The bakery was broken into last night. They prised open a sash window at the side of the shop. They took the float and the charity box. What did they expect to find? Sticky buns?

Al supposes he’ll have to take the float home out of the tills every night. He has always said that at least he doesn’t need to worry about burglary, not unless the local ne’er-do-wells are anxious about their 5-a-day, but if they are after a few pounds in small change, he’ll have to change his mind.

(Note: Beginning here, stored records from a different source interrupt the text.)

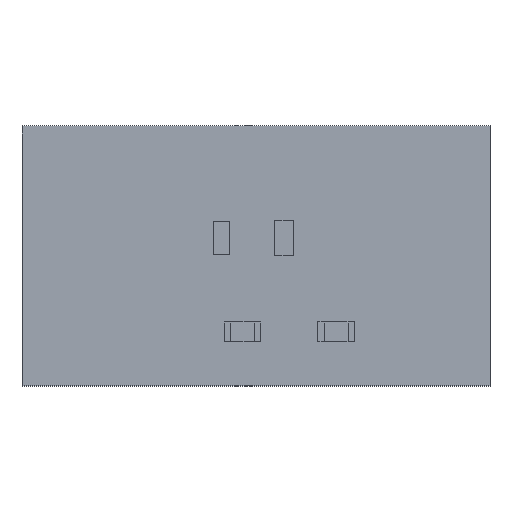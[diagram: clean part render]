
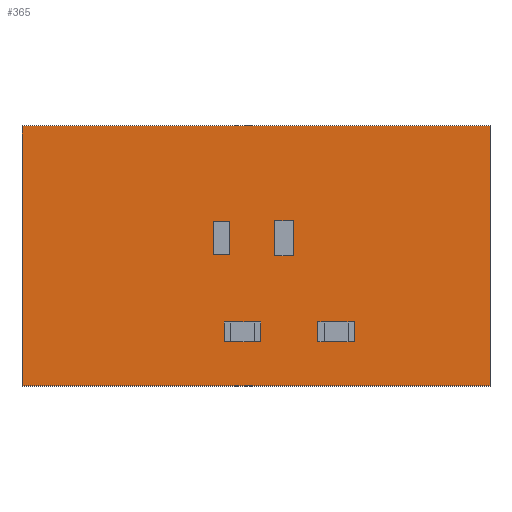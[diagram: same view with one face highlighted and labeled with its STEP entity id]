
A CAD part, top view. The second image highlights one B-rep face of the part: STEP entity #365.
In plain terms, the highlighted planar face has unit normal (0, 0, 1).
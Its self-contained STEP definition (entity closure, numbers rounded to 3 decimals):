
#51 = VERTEX_POINT('',#52);
#52 = CARTESIAN_POINT('',(25.4,112.9,1.646));
#59 = PLANE('',#60);
#60 = AXIS2_PLACEMENT_3D('',#61,#62,#63);
#61 = CARTESIAN_POINT('',(25.4,112.9,0.));
#62 = DIRECTION('',(0.,1.,0.));
#63 = DIRECTION('',(1.,0.,0.));
#71 = PLANE('',#72);
#72 = AXIS2_PLACEMENT_3D('',#73,#74,#75);
#73 = CARTESIAN_POINT('',(25.4,125.4,0.));
#74 = DIRECTION('',(1.,0.,0.));
#75 = DIRECTION('',(0.,-1.,0.));
#83 = EDGE_CURVE('',#51,#84,#86,.T.);
#84 = VERTEX_POINT('',#85);
#85 = CARTESIAN_POINT('',(47.9,112.9,1.646));
#86 = SURFACE_CURVE('',#87,(#91,#98),.PCURVE_S1.);
#87 = LINE('',#88,#89);
#88 = CARTESIAN_POINT('',(25.4,112.9,1.646));
#89 = VECTOR('',#90,1.);
#90 = DIRECTION('',(1.,0.,0.));
#91 = PCURVE('',#59,#92);
#92 = DEFINITIONAL_REPRESENTATION('',(#93),#97);
#93 = LINE('',#94,#95);
#94 = CARTESIAN_POINT('',(0.,-1.646));
#95 = VECTOR('',#96,1.);
#96 = DIRECTION('',(1.,0.));
#97 = ( GEOMETRIC_REPRESENTATION_CONTEXT(2) 
PARAMETRIC_REPRESENTATION_CONTEXT() REPRESENTATION_CONTEXT('2D SPACE',''
  ) );
#98 = PCURVE('',#99,#104);
#99 = PLANE('',#100);
#100 = AXIS2_PLACEMENT_3D('',#101,#102,#103);
#101 = CARTESIAN_POINT('',(25.4,112.9,1.646));
#102 = DIRECTION('',(0.,0.,-1.));
#103 = DIRECTION('',(-1.,0.,0.));
#104 = DEFINITIONAL_REPRESENTATION('',(#105),#109);
#105 = LINE('',#106,#107);
#106 = CARTESIAN_POINT('',(0.,0.));
#107 = VECTOR('',#108,1.);
#108 = DIRECTION('',(-1.,0.));
#109 = ( GEOMETRIC_REPRESENTATION_CONTEXT(2) 
PARAMETRIC_REPRESENTATION_CONTEXT() REPRESENTATION_CONTEXT('2D SPACE',''
  ) );
#127 = PLANE('',#128);
#128 = AXIS2_PLACEMENT_3D('',#129,#130,#131);
#129 = CARTESIAN_POINT('',(47.9,112.9,0.));
#130 = DIRECTION('',(-1.,0.,0.));
#131 = DIRECTION('',(0.,1.,0.));
#169 = EDGE_CURVE('',#84,#170,#172,.T.);
#170 = VERTEX_POINT('',#171);
#171 = CARTESIAN_POINT('',(47.9,125.4,1.646));
#172 = SURFACE_CURVE('',#173,(#177,#184),.PCURVE_S1.);
#173 = LINE('',#174,#175);
#174 = CARTESIAN_POINT('',(47.9,112.9,1.646));
#175 = VECTOR('',#176,1.);
#176 = DIRECTION('',(0.,1.,0.));
#177 = PCURVE('',#127,#178);
#178 = DEFINITIONAL_REPRESENTATION('',(#179),#183);
#179 = LINE('',#180,#181);
#180 = CARTESIAN_POINT('',(0.,-1.646));
#181 = VECTOR('',#182,1.);
#182 = DIRECTION('',(1.,0.));
#183 = ( GEOMETRIC_REPRESENTATION_CONTEXT(2) 
PARAMETRIC_REPRESENTATION_CONTEXT() REPRESENTATION_CONTEXT('2D SPACE',''
  ) );
#184 = PCURVE('',#99,#185);
#185 = DEFINITIONAL_REPRESENTATION('',(#186),#190);
#186 = LINE('',#187,#188);
#187 = CARTESIAN_POINT('',(-22.5,0.));
#188 = VECTOR('',#189,1.);
#189 = DIRECTION('',(0.,1.));
#190 = ( GEOMETRIC_REPRESENTATION_CONTEXT(2) 
PARAMETRIC_REPRESENTATION_CONTEXT() REPRESENTATION_CONTEXT('2D SPACE',''
  ) );
#208 = PLANE('',#209);
#209 = AXIS2_PLACEMENT_3D('',#210,#211,#212);
#210 = CARTESIAN_POINT('',(47.9,125.4,0.));
#211 = DIRECTION('',(0.,-1.,0.));
#212 = DIRECTION('',(-1.,0.,0.));
#245 = EDGE_CURVE('',#170,#246,#248,.T.);
#246 = VERTEX_POINT('',#247);
#247 = CARTESIAN_POINT('',(25.4,125.4,1.646));
#248 = SURFACE_CURVE('',#249,(#253,#260),.PCURVE_S1.);
#249 = LINE('',#250,#251);
#250 = CARTESIAN_POINT('',(47.9,125.4,1.646));
#251 = VECTOR('',#252,1.);
#252 = DIRECTION('',(-1.,0.,0.));
#253 = PCURVE('',#208,#254);
#254 = DEFINITIONAL_REPRESENTATION('',(#255),#259);
#255 = LINE('',#256,#257);
#256 = CARTESIAN_POINT('',(0.,-1.646));
#257 = VECTOR('',#258,1.);
#258 = DIRECTION('',(1.,0.));
#259 = ( GEOMETRIC_REPRESENTATION_CONTEXT(2) 
PARAMETRIC_REPRESENTATION_CONTEXT() REPRESENTATION_CONTEXT('2D SPACE',''
  ) );
#260 = PCURVE('',#99,#261);
#261 = DEFINITIONAL_REPRESENTATION('',(#262),#266);
#262 = LINE('',#263,#264);
#263 = CARTESIAN_POINT('',(-22.5,12.5));
#264 = VECTOR('',#265,1.);
#265 = DIRECTION('',(1.,0.));
#266 = ( GEOMETRIC_REPRESENTATION_CONTEXT(2) 
PARAMETRIC_REPRESENTATION_CONTEXT() REPRESENTATION_CONTEXT('2D SPACE',''
  ) );
#316 = EDGE_CURVE('',#246,#51,#317,.T.);
#317 = SURFACE_CURVE('',#318,(#322,#329),.PCURVE_S1.);
#318 = LINE('',#319,#320);
#319 = CARTESIAN_POINT('',(25.4,125.4,1.646));
#320 = VECTOR('',#321,1.);
#321 = DIRECTION('',(0.,-1.,0.));
#322 = PCURVE('',#71,#323);
#323 = DEFINITIONAL_REPRESENTATION('',(#324),#328);
#324 = LINE('',#325,#326);
#325 = CARTESIAN_POINT('',(0.,-1.646));
#326 = VECTOR('',#327,1.);
#327 = DIRECTION('',(1.,0.));
#328 = ( GEOMETRIC_REPRESENTATION_CONTEXT(2) 
PARAMETRIC_REPRESENTATION_CONTEXT() REPRESENTATION_CONTEXT('2D SPACE',''
  ) );
#329 = PCURVE('',#99,#330);
#330 = DEFINITIONAL_REPRESENTATION('',(#331),#335);
#331 = LINE('',#332,#333);
#332 = CARTESIAN_POINT('',(0.,12.5));
#333 = VECTOR('',#334,1.);
#334 = DIRECTION('',(0.,-1.));
#335 = ( GEOMETRIC_REPRESENTATION_CONTEXT(2) 
PARAMETRIC_REPRESENTATION_CONTEXT() REPRESENTATION_CONTEXT('2D SPACE',''
  ) );
#365 = ADVANCED_FACE('',(#366),#99,.F.);
#366 = FACE_BOUND('',#367,.T.);
#367 = EDGE_LOOP('',(#368,#369,#370,#371));
#368 = ORIENTED_EDGE('',*,*,#83,.T.);
#369 = ORIENTED_EDGE('',*,*,#169,.T.);
#370 = ORIENTED_EDGE('',*,*,#245,.T.);
#371 = ORIENTED_EDGE('',*,*,#316,.T.);

And the town has been thick with reporters*, wanting a new angle on bird flu. I was sorry for the butcher opposite – a bloke with a camera was filming his shop from just outside the window, a couple of yards away and then from the other side of the marketplace. Poor Adrian had to stand there, nowhere to hide. And his ‘free-range chickens’ sign in the window. I’m not sure why they are here, Halesworth, 9 miles away, is next to the turkey farm.

It was confirmed that the Ch1cken Round@bout birds (I did a link a while back, here is another one) are officially wild birds, so they will not need to be rounded up, even if poultry have to be kept indoors. If ours do, they can go in the biggest greehouse, which is about 40 feet by 14 feet and they will be fine until the weather heats up. And then we will have to think again, unless we want them to lay hard-boiled eggs.

*ooer. Natasha Kaplinsky has made a special trip Herself to Holton. And the BBC is most anxious about the Ch1cken Round@bout.
I think, am I a cynic, that a little bit of each reporter rather hopes that the outbreak hasn’t been entirely contained.